Lichtblicke: Fortschritte in Politik und Gesellschaft
In Deutschland gab es 2024 einige positive Entwicklungen. Mit dem Inklusionspaket der Bundesregierung wurde ein entscheidender Schritt in Richtung inklusiver Bildung unternommen. Mehr Mittel für den barrierefreien Ausbau von Schulen sowie für inklusives Lehrmaterial wurden bereitgestellt. Modellprojekte in mehreren Bundesländern zeigten, dass gemeinsames Lernen von Schüler*innen mit und ohne Behinderungen nicht nur möglich ist, sondern auch die gesamte Schulgemeinschaft bereichert.
Auf dem Arbeitsmarkt gab es ebenfalls Fortschritte: Über 10.000 neue Arbeitsplätze für Menschen mit Behinderungen wurden durch gezielte Förderprogramme geschaffen. Unternehmen, die inklusiv arbeiten, wurden sichtbarer, unter anderem durch eine große Kampagne, die Unternehmer*innen und Führungspersönlichkeiten mit Behinderungen vorstellte. Diese Vorbilder zeigten eindrucksvoll, wie Potenziale entfaltet werden können, wenn Barrieren – sowohl physische als auch in den Köpfen – abgebaut werden.

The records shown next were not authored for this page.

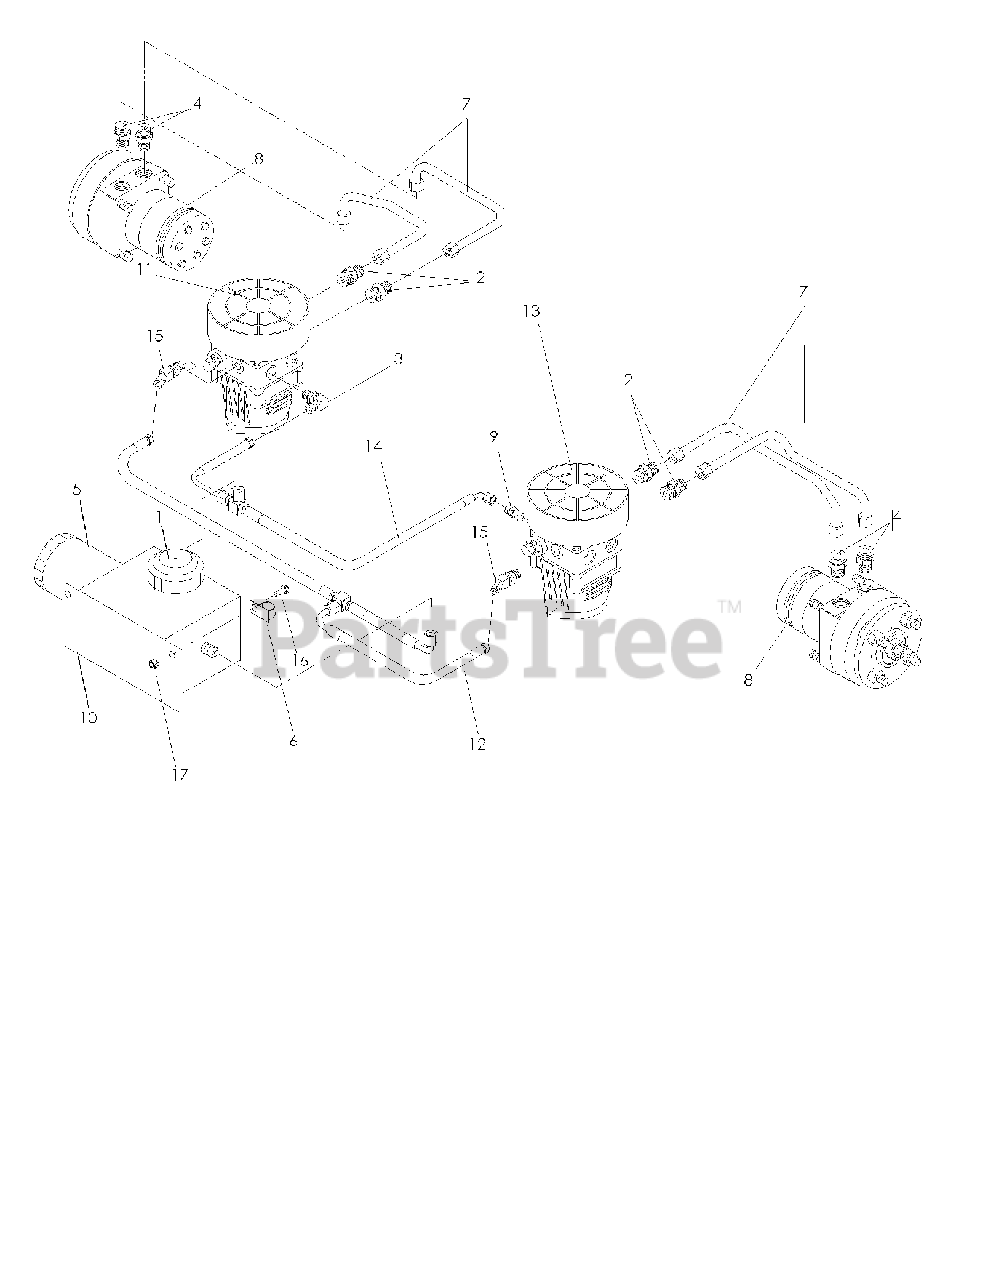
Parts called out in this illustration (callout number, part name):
1	HYDRAULIC CAP
2	FITTING, STRAIGHT F6400-8-8-0
3	ELBOW, F6801-6-6-0 90 DEGREE
4	FITTING
5	HYDRAULIC OIL FILTER
6	LOOM CLIP
7	RUBBER HYDRAULIC HOSE (1)
8	TL15 WHEEL MOTOR
9	Hydraulic Fitting
10	RESERVOIR W/CAP & FILTER
11	10CC PUMP W/6" FANS RH
12	T-ASM, INLET
13	10CC PUMP W/6" FANS LH
14	T-ASM, RETURN
15	FITTING, HYDR 45 DEG
16	HCS 5/16C X 3/4
17	NUT 5/16 NYLOC
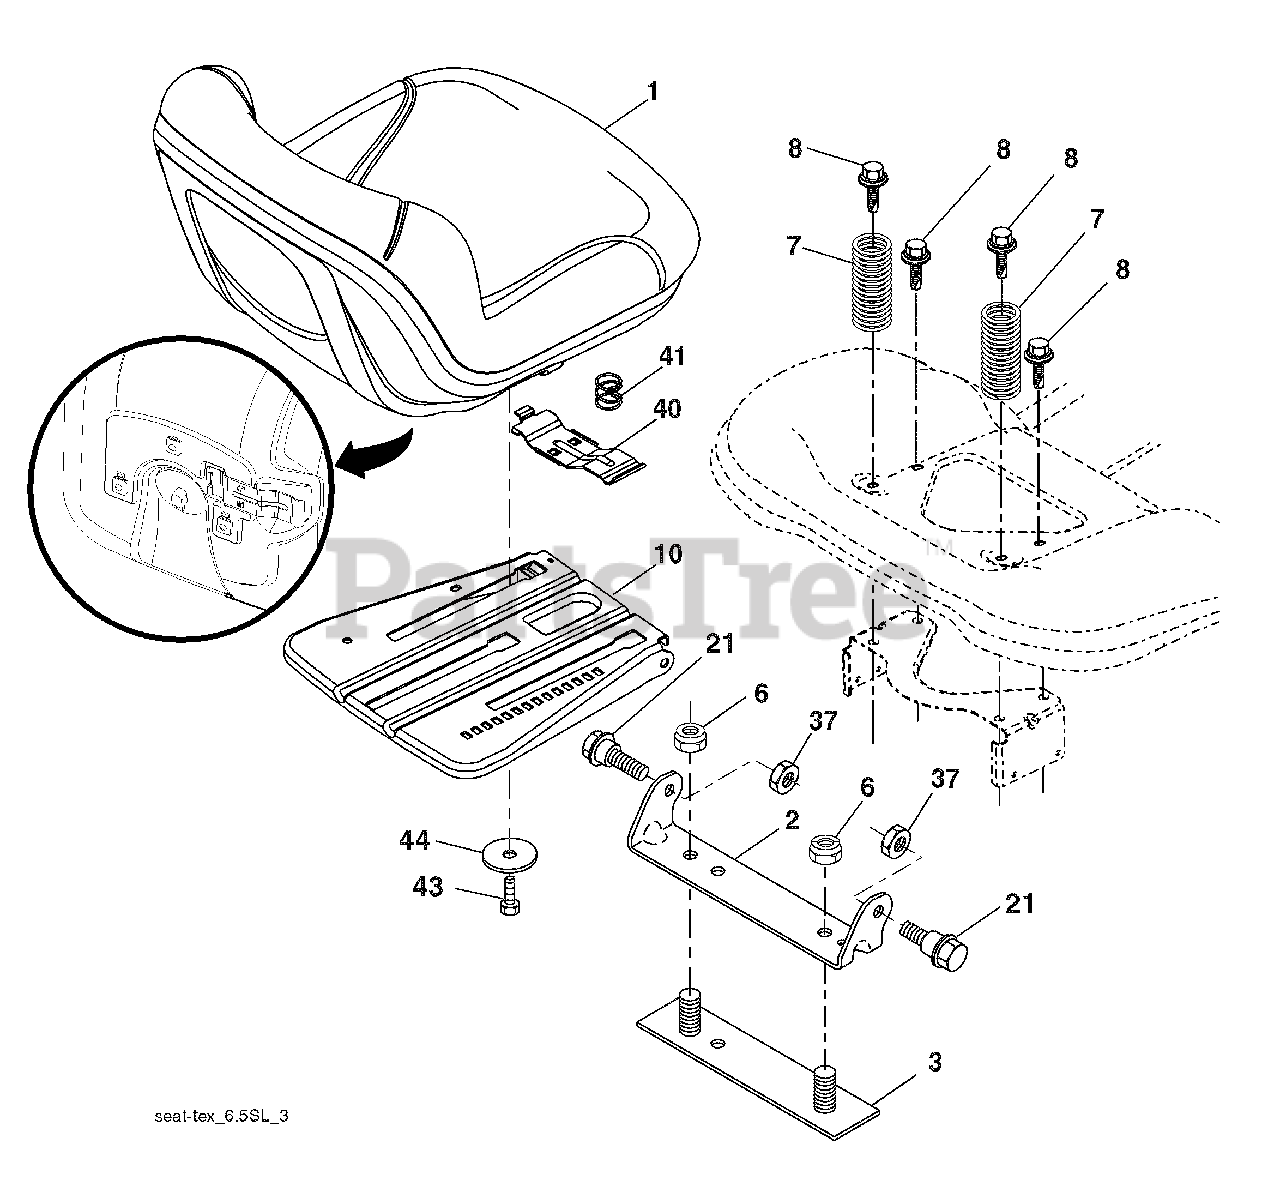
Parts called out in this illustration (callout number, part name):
1	Seat
2	Bracket Pivot Fender
3	Strap, Asm Fender
6	Nut, Lock w/Ins. 3/8-16 unc
7	Spring, Seat Cprsn
8	Bolt 5/16-18 unc x 3/4 w/Sems
10	Pan, Seat
21	Bolt, Shoulder 5/16-18
37	Nut, Lock 5/16-18 unc
40	Handle Slide Seat
41	Spring Latch Seat
43	Bolt Fin Hex 3/8-16 unc x 3/4
44	Washer 13/32 x 2-3/8 x 12 Ga.
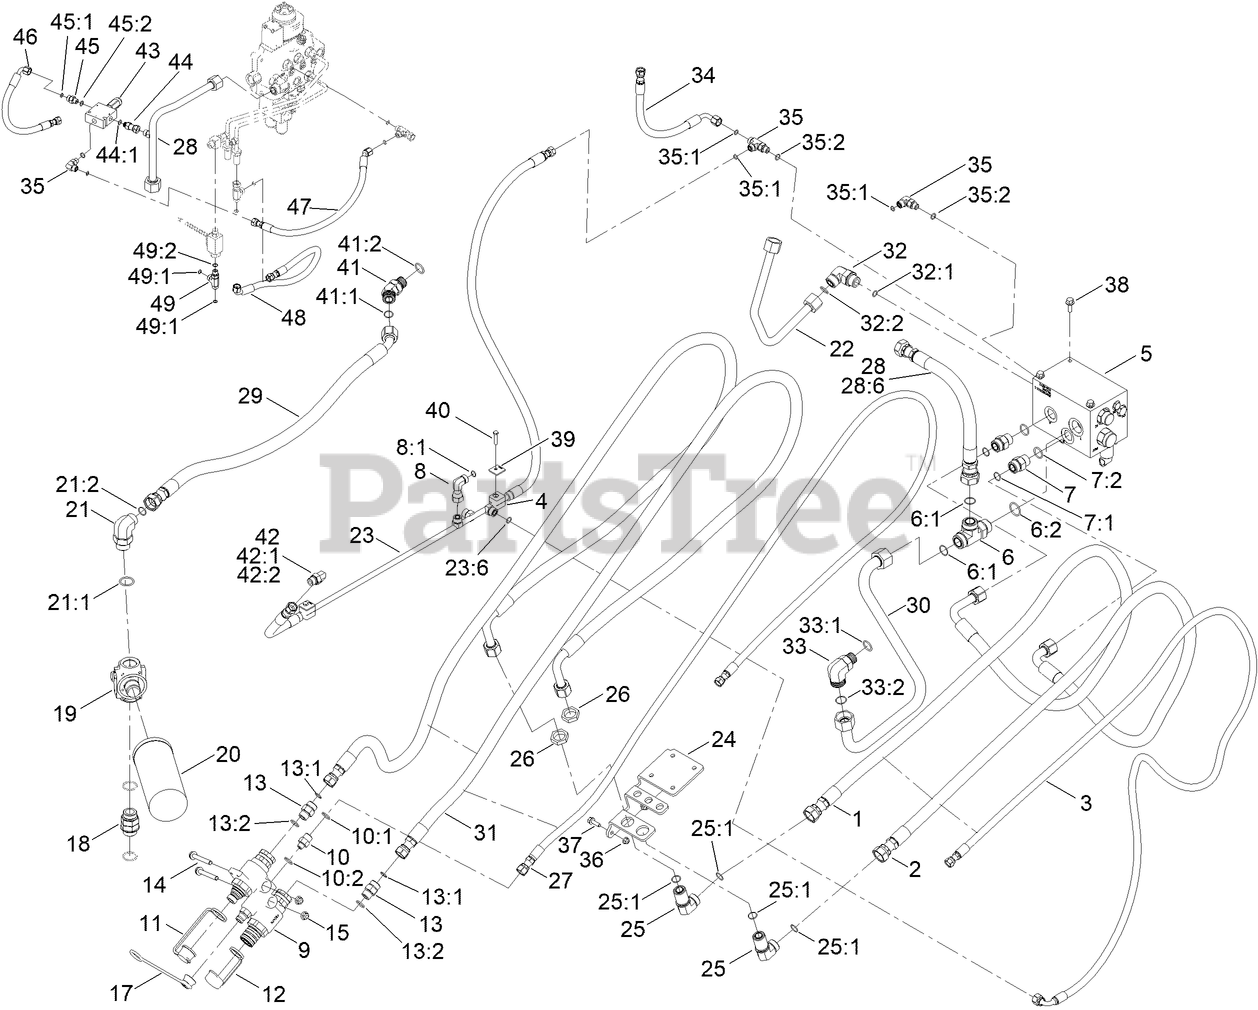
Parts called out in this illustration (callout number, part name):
1	HYD HOSE ASM
2	HYD HOSE ASM
3	HYD HOSE ASM
4	CLAMP-TUBE
5	AUX MANIFOLD ASM
6	FITTING-TEE
6:1	O-RING
6:2	O-RING
7	FITTING-HYD, STRAIGHT
7:1	O-RING
7:2	O-RING
8	FITTING-HYD
8:1	O-RING
9	MANIFOLD-QDC
10	FITTING-STRAIGHT
10:1	O-RING
10:2	O-RING
11	CAP-DUST, NIPPLE
12	CAP-DUST, COUPLER
13	FITTING-STRAIGHT
13:1	O-RING
13:2	O-RING
14	SCREW-HFH
15	NUT-HF, NI
17	CAP-DUST, NIPPLE
18	FITTING-STRAIGHT
19	HEAD-FILTER
20	ELEMENT-FILTER
21	FITTING-ELBOW 90
21:1	O-RING
21:2	O-RING
22	HYD TUBE ASM
23	HYD TUBE ASM
23:6	O-RING
24	MOUNT-CARRIER
25	FITTING-ELBOW 90
25:1	O-RING
26	NUT-BULKHEAD
27	HYD HOSE ASM
28	HYD TUBE ASM
28:6	O-RING
29	HYD HOSE ASM
30	HYDRAULIC TUBE ASM
31	HYD HOSE ASM
32	FITTING-ELBOW-90
32:1	O-RING
32:2	O-RING
33	FITTING-ELBOW 90
33:1	O-RING
33:2	O-RING
34	HYD HOSE ASM
35	FITTING-ELBOW, 90 DEG
35	FITTING-TEE
35:1	O-RING
35:2	O-RING
36	NUT-HF, NI
37	SCREW-HHF
38	SCREW-HHF
39	PLATE-CLAMP,TUBE
40	SCREW-HH
41	FITTING-45 DEG
41:1	O-RING
41:2	O-RING
42	FITTING-ELBOW, 90 DEG
42:1	O-RING
42:2	O-RING
43	VALVE-SEQUENCE
44	CONNECTOR-SWIVEL, STRAIGHT
44:1	O-RING
45	FITTING-STRAIGHT
45:1	O-RING
45:2	O-RING
46	HOSE ASM
47	HOSE-HYD
48	HOSE-HYD
49	FITTING-TEE
49:1	O-RING
49:2	O-RING

Auch im öffentlichen Raum gab es Fortschritte. Städte wie Berlin und München investierten verstärkt in barrierefreie Bushaltestellen, Gehwege und Ampelsysteme. Doch trotz dieser Bemühungen bleibt der Weg zu einer flächendeckenden Barrierefreiheit noch weit – wie der Zustand vieler Bahnhöfe oder der digitale Raum deutlich machen.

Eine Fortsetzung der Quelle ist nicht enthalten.